Blasphemy should result in execution

  • Leviticus 24:16

Anyone who has ever said “OMFG” should be killed and this should be endorsed by anyone who feels the OT is a perfect book with a gold standard of morals and ethics. It’s not. I assure you God doesn’t have the thin skin JudeoChristians think he does.


If you curse your parents, they should be killed.

  • Leviticus 20:9
  • Exodus 21:17

Another example of contradictory orders from the same book, in this case murder for problematic children


If someone touches a dead body, they’re “unclean” and need ritual cleansing

  • Numbers 19:11–13

There goes the entire field of medical examiners and forensic pathology.


Menstruation makes a woman “unclean” Leviticus 15:19–24


Ejaculation makes a man “unclean” Leviticus 15:16–18


You can own foreign slaves permanently (Leviticus 25:44–46)

Yet another example of biblical scripture permitting slavery.


You can beat your slave as long as they don’t die “immediately” Exodus 21:20–21

No explanation needed.


You can sell your daughter into slavery (Exodus 21:7–11)


Kill entire enemy populations in conquest (“leave alive nothing that breathes”)

  • Deuteronomy 20:16–17

Once again, God commands people to kill others despite spiritual commandments not to kill. This of course sets the ground work and justification for genocide.

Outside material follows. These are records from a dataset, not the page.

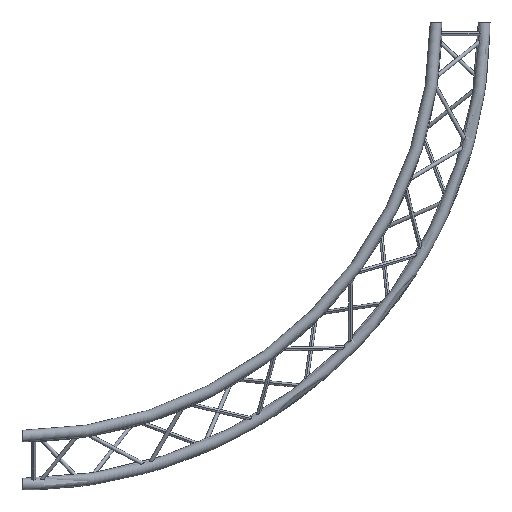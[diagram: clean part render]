
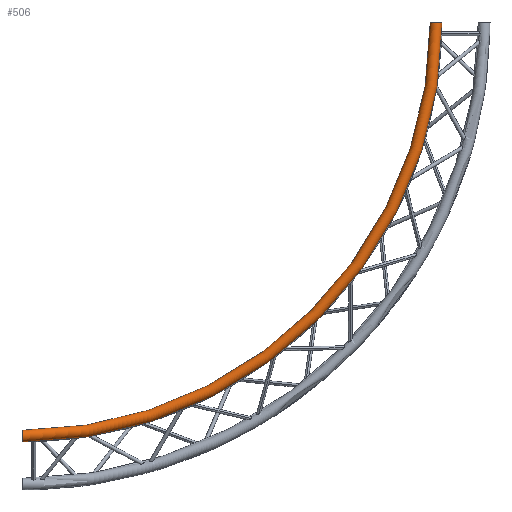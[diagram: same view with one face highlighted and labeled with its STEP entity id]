
A CAD part, front view. The second image highlights one B-rep face of the part: STEP entity #506.
In plain terms, the highlighted toroidal (fillet/blend) face has major radius 1769.75 mm and minor radius 25 mm.
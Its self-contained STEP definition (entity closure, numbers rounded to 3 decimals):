
#487 = EDGE_CURVE ( 'NONE', #497, #496, #4961, .T. ) ;
#490 = EDGE_CURVE ( 'NONE', #497, #493, #4955, .T. ) ;
#491 = ORIENTED_EDGE ( 'NONE', *, *, #492, .T. ) ;
#492 = EDGE_CURVE ( 'NONE', #493, #499, #4946, .T. ) ;
#493 = VERTEX_POINT ( 'NONE', #4941 ) ;
#494 = ORIENTED_EDGE ( 'NONE', *, *, #495, .F. ) ;
#495 = EDGE_CURVE ( 'NONE', #496, #499, #4940, .T. ) ;
#496 = VERTEX_POINT ( 'NONE', #4996 ) ;
#497 = VERTEX_POINT ( 'NONE', #4995 ) ;
#498 = ORIENTED_EDGE ( 'NONE', *, *, #487, .F. ) ;
#499 = VERTEX_POINT ( 'NONE', #4994 ) ;
#503 = EDGE_LOOP ( 'NONE', ( #507, #491, #494, #498 ) ) ;
#506 = ADVANCED_FACE ( 'NONE', ( #4981 ), #4980, .T. ) ;
#507 = ORIENTED_EDGE ( 'NONE', *, *, #490, .T. ) ;
#4937 = DIRECTION ( 'NONE',  ( 0., 0., 1. ) ) ;
#4938 = CARTESIAN_POINT ( 'NONE',  ( 1769.752, -118.5, 0. ) ) ;
#4939 = AXIS2_PLACEMENT_3D ( 'NONE', #4938, #4937, #4997 ) ;
#4940 = CIRCLE ( 'NONE', #4939, 25. ) ;
#4941 = CARTESIAN_POINT ( 'NONE',  ( 0., -118.5, -1794.752 ) ) ;
#4942 = DIRECTION ( 'NONE',  ( 0., 0., -1. ) ) ;
#4943 = DIRECTION ( 'NONE',  ( 0., -1., 0. ) ) ;
#4944 = CARTESIAN_POINT ( 'NONE',  ( 0., -118.5, 0. ) ) ;
#4945 = AXIS2_PLACEMENT_3D ( 'NONE', #4944, #4943, #4942 ) ;
#4946 = CIRCLE ( 'NONE', #4945, 1794.752 ) ;
#4947 = DIRECTION ( 'NONE',  ( 0., 0., -1. ) ) ;
#4948 = DIRECTION ( 'NONE',  ( 1., 0., 0. ) ) ;
#4949 = CARTESIAN_POINT ( 'NONE',  ( 0., -118.5, -1769.752 ) ) ;
#4950 = AXIS2_PLACEMENT_3D ( 'NONE', #4949, #4948, #4947 ) ;
#4955 = CIRCLE ( 'NONE', #4950, 25. ) ;
#4957 = DIRECTION ( 'NONE',  ( 0., 0., -1. ) ) ;
#4958 = DIRECTION ( 'NONE',  ( 0., -1., 0. ) ) ;
#4959 = CARTESIAN_POINT ( 'NONE',  ( 0., -118.5, 0. ) ) ;
#4960 = AXIS2_PLACEMENT_3D ( 'NONE', #4959, #4958, #4957 ) ;
#4961 = CIRCLE ( 'NONE', #4960, 1744.752 ) ;
#4975 = DIRECTION ( 'NONE',  ( 0., 0., -1. ) ) ;
#4976 = DIRECTION ( 'NONE',  ( 0., -1., 0. ) ) ;
#4977 = AXIS2_PLACEMENT_3D ( 'NONE', #4979, #4976, #4975 ) ;
#4979 = CARTESIAN_POINT ( 'NONE',  ( 0., -118.5, 0. ) ) ;
#4980 = TOROIDAL_SURFACE ( 'NONE', #4977, 1769.752, 25. ) ;
#4981 = FACE_OUTER_BOUND ( 'NONE', #503, .T. ) ;
#4994 = CARTESIAN_POINT ( 'NONE',  ( 1794.752, -118.5, 0. ) ) ;
#4995 = CARTESIAN_POINT ( 'NONE',  ( 0., -118.5, -1744.752 ) ) ;
#4996 = CARTESIAN_POINT ( 'NONE',  ( 1744.752, -118.5, 0. ) ) ;
#4997 = DIRECTION ( 'NONE',  ( 1., 0., 0. ) ) ;
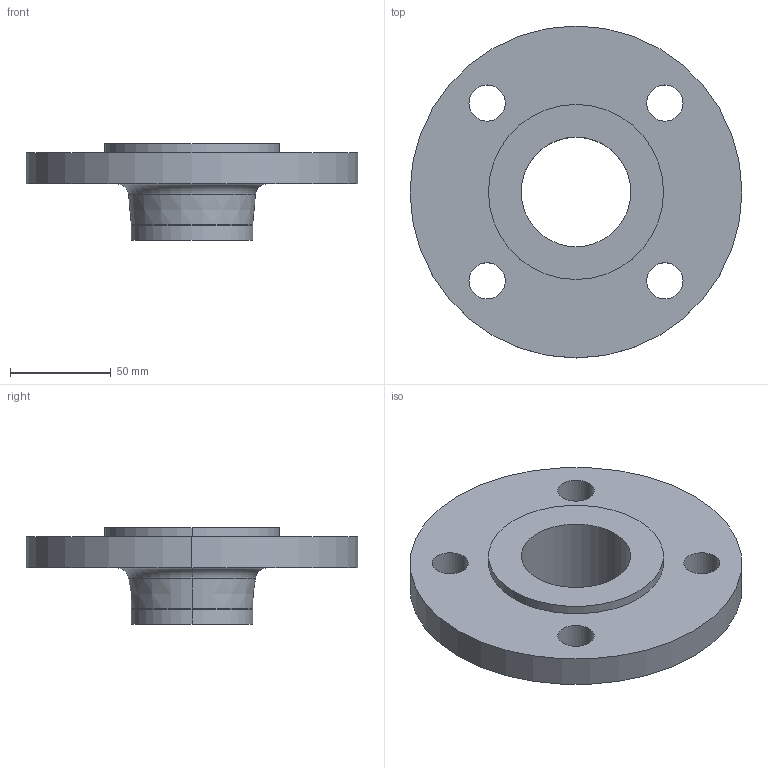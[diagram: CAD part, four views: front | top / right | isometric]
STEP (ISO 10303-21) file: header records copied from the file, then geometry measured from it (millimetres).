
FILE_DESCRIPTION (( 'STEP AP214' ), '1' );
FILE_NAME ('PN40 DN50 Type 11 - Type E Face.STEP', '2018-12-30T04:36:15', ( '' ), ( '' ), 'SwSTEP 2.0', 'SolidWorks 2019', '' );
FILE_SCHEMA (( 'AUTOMOTIVE_DESIGN' ));
Length unit declared in the file: millimetre
Products named in the file (1): PN40 DN50 Type 11 - Type E Face
Bounding box: 165 x 165 x 48 mm (x, y, z)
Volume: 315367.3 mm3; surface area: 61724 mm2
Topology: 1 solids, 1 shells, 26 faces, 60 edges, 38 vertices
Faces by surface type: cylinder 16, torus 4, plane 4, cone 2
Entity records: 812 total; most frequent: DIRECTION 156, CARTESIAN_POINT 125, ORIENTED_EDGE 120, AXIS2_PLACEMENT_3D 69, EDGE_CURVE 60, CIRCLE 42, VERTEX_POINT 38, EDGE_LOOP 38

Don’t eat shrimp or shellfish (Leviticus 11:10–12)

Red Lobster is a den of sinners


Don’t eat pork (Leviticus 11:7–8)

This makes a substantial portion of our population sinners


Don’t wear mixed fabrics

  • Leviticus 19:19
  • Deuteronomy 22:11

Do not plant two kinds of seeds in the same field (Leviticus 19:19)


If your ox gores someone, kill the ox and the owner too Exodus 21:28–29


If two men are fighting and a woman grabs one by the genitals… cut off her hand (Deuteronomy 25:11)

Don’t boil a young goat in its mother’s milk

  • Exodus 23:19
  • Exodus 34:26
  • Deuteronomy 14:21

A “trial” where a suspected adulteress drinks “bitter water” Numbers 5:11–31

Don’t round the edges of your beard / specific grooming restrictions Leviticus 19:27


Tattoos are forbidden

This is especially peculiar since it demonstrates an attachment to one’s body, which we should let go of completely.